▶ Work order: Say how many lines in the entries below have the word "values" in them, giving only the number.

▶ Input material:

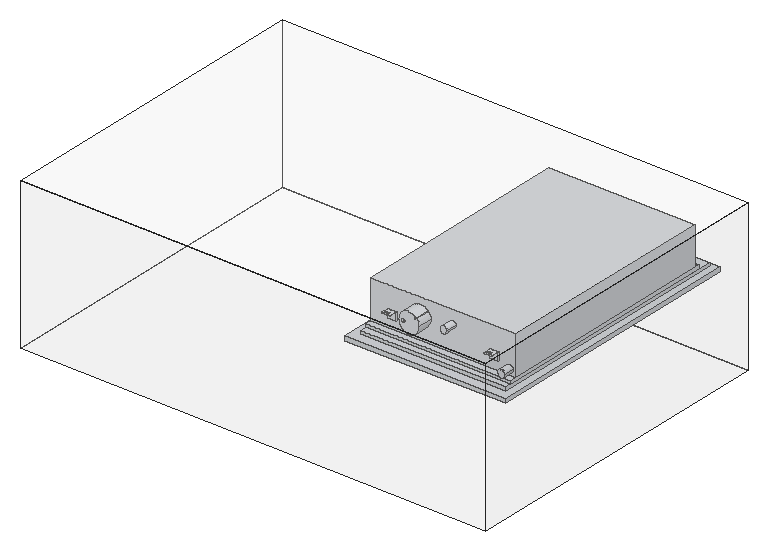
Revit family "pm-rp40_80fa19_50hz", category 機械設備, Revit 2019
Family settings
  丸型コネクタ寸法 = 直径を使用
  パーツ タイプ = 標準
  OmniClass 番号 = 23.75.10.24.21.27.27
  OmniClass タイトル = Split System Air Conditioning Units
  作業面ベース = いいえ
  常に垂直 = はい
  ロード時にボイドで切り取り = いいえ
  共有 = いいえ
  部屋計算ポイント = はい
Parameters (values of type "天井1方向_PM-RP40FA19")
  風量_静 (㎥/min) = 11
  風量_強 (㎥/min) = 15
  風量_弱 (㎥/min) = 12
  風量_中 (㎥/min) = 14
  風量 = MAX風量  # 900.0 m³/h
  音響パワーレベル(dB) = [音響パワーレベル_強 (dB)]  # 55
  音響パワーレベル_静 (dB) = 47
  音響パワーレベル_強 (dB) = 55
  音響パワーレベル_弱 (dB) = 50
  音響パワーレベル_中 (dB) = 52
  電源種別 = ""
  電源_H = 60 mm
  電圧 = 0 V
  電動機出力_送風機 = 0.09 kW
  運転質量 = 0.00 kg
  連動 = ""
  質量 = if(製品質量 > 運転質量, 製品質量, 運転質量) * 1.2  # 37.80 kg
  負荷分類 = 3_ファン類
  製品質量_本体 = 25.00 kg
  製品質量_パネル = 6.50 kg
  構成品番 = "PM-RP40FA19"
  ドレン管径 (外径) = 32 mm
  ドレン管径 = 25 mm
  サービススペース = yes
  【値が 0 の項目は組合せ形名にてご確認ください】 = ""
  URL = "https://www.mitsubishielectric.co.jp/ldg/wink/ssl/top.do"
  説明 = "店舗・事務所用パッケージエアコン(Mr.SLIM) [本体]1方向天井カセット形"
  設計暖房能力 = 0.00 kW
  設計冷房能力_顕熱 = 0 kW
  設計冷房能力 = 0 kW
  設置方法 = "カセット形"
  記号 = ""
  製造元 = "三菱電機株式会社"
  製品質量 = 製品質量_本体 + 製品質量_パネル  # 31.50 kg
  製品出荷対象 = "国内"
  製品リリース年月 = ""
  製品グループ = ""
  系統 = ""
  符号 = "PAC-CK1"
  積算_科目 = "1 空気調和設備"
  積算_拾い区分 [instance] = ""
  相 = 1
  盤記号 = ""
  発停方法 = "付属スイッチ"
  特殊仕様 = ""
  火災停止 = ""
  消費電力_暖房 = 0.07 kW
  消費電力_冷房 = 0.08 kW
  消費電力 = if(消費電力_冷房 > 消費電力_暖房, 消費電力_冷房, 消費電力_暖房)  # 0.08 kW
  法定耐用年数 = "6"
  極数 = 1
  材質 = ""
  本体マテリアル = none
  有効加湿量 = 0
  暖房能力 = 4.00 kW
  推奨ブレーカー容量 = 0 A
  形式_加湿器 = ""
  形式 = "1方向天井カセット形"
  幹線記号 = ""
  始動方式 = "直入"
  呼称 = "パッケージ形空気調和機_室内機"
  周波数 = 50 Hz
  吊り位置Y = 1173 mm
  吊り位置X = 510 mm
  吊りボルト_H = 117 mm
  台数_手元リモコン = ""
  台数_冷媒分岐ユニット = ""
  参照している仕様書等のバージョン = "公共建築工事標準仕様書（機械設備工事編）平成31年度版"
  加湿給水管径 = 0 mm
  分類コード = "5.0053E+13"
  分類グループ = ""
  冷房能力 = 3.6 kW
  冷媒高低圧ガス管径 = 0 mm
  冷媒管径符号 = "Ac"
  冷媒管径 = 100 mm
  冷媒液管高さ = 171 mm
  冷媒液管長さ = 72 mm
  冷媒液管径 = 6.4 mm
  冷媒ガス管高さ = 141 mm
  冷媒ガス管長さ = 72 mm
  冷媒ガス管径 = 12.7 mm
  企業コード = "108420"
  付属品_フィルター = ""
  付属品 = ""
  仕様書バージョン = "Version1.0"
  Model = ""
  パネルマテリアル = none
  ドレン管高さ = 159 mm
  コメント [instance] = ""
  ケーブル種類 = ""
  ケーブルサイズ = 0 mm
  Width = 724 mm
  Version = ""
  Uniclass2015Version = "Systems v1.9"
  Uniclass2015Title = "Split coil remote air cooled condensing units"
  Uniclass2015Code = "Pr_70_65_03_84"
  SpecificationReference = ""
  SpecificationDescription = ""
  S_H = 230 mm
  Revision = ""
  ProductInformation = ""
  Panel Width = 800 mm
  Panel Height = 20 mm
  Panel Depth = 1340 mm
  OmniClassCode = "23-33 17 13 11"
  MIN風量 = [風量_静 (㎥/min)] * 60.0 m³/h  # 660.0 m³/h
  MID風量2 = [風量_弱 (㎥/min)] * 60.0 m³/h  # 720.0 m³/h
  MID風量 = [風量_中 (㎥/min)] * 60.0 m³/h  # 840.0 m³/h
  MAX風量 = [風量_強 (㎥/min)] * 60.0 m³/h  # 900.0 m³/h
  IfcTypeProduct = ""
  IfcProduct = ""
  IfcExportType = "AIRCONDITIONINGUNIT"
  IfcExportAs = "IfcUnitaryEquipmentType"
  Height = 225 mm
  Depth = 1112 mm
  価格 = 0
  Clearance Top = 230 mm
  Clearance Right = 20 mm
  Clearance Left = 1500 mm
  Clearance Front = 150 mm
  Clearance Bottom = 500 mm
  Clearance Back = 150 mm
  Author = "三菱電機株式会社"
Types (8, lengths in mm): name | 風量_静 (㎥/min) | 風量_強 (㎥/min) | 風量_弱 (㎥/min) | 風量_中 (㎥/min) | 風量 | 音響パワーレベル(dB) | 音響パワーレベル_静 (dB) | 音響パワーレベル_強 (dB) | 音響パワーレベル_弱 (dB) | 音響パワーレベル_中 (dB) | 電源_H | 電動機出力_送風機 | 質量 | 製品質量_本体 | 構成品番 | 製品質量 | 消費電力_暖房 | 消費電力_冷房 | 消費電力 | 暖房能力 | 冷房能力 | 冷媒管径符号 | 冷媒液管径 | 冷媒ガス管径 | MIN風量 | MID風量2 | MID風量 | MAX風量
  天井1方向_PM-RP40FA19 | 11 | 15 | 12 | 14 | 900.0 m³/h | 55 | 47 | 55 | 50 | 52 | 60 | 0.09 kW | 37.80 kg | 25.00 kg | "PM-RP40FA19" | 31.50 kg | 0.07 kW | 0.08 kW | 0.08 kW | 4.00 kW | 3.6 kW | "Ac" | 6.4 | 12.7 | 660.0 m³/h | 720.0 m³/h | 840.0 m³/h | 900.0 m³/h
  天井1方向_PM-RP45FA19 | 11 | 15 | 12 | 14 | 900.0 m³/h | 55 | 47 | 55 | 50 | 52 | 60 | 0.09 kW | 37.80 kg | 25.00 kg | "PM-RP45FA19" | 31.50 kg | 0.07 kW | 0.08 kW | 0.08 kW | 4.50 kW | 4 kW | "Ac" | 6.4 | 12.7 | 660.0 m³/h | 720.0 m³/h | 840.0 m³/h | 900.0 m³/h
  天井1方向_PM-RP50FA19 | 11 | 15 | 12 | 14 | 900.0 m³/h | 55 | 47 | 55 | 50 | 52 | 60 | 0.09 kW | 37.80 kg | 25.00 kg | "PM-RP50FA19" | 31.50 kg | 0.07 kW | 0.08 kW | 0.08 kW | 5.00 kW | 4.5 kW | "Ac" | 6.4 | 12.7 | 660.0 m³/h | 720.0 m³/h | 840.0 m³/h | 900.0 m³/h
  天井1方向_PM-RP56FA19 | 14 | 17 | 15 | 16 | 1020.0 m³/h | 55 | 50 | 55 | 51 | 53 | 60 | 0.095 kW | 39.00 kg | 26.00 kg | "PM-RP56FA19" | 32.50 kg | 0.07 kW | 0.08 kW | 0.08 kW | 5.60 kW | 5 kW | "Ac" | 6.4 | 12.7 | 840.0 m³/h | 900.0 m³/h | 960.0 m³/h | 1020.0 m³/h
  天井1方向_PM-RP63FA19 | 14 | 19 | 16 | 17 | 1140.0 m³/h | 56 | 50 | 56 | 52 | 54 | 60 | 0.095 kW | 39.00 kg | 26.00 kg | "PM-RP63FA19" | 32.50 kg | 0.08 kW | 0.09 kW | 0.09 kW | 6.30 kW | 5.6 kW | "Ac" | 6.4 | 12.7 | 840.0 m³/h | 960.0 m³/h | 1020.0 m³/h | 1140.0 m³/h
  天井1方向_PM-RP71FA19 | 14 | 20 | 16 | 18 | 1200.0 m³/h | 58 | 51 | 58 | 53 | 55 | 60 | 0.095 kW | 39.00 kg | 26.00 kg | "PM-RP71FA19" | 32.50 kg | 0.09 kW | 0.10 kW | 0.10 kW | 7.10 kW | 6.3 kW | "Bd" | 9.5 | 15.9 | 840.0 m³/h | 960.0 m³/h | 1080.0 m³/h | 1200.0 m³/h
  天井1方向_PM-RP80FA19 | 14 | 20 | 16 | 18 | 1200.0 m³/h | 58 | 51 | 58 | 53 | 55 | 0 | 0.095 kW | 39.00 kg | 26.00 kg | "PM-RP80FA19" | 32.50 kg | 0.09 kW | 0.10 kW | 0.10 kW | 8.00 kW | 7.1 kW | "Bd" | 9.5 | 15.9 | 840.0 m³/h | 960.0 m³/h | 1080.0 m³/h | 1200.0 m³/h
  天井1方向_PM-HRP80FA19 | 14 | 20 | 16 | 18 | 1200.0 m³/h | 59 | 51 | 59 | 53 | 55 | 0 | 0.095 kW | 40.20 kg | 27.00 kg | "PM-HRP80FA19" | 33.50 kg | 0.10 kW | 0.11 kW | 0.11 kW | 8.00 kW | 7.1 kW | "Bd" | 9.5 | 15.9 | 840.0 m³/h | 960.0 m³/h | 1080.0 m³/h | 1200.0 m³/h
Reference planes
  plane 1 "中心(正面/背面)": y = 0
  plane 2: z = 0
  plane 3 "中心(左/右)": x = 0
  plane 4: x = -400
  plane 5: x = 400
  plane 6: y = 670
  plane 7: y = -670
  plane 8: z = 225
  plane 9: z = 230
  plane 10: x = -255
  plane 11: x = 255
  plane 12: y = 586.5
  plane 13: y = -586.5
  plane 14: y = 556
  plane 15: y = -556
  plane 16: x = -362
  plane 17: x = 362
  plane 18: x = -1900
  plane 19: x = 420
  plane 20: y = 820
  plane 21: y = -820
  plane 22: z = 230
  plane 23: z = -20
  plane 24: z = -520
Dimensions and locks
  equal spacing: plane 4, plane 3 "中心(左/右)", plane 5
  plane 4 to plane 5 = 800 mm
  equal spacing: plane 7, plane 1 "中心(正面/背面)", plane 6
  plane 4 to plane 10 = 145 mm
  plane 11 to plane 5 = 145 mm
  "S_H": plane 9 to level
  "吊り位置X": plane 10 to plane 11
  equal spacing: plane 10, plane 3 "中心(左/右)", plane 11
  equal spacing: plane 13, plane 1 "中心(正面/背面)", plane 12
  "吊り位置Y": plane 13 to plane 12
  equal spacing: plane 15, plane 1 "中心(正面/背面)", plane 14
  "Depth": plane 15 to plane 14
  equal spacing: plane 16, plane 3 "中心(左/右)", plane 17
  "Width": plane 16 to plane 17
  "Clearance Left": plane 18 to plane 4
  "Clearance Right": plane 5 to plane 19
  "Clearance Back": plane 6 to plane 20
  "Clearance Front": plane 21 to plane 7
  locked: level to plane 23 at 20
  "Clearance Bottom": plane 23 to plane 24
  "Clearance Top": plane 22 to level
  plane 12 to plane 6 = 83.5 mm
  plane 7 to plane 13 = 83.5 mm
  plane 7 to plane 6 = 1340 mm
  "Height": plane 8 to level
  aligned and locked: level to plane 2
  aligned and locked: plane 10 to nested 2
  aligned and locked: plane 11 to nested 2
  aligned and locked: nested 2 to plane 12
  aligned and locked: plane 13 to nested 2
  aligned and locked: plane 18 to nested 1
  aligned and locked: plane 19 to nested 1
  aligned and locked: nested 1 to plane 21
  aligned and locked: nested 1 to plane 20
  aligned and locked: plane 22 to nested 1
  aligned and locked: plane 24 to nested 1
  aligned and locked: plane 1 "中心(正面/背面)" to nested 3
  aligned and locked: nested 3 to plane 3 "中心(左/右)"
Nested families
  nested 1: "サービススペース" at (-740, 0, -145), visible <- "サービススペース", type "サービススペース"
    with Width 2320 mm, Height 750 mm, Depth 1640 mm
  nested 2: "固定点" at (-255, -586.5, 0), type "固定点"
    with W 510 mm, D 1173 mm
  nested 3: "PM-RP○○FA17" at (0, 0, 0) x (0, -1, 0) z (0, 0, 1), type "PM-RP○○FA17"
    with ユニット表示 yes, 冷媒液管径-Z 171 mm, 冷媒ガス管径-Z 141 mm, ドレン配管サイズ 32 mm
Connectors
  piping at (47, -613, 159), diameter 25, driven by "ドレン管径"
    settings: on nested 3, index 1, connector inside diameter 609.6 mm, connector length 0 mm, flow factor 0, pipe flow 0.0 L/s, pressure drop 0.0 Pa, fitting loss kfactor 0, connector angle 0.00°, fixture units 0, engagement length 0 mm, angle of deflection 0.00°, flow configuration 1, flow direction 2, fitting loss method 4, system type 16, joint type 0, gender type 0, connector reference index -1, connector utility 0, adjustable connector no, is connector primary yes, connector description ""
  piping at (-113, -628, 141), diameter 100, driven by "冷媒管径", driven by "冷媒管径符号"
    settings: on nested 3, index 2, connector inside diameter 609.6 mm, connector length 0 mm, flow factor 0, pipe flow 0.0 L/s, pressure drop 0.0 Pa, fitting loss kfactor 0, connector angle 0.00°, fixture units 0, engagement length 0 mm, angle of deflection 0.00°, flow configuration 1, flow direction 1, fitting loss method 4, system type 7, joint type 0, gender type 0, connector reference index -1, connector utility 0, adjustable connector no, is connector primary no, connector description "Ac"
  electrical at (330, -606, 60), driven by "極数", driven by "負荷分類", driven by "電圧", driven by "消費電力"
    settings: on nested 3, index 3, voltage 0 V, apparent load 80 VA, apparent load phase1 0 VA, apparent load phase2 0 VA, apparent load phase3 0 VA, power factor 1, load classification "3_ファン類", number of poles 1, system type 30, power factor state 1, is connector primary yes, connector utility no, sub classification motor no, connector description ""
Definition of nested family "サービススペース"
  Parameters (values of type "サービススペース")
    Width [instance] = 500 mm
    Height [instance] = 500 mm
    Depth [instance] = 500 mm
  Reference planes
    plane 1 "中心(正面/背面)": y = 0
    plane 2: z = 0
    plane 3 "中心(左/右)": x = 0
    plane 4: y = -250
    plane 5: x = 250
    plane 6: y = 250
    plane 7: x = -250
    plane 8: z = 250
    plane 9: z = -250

▶ Result: 2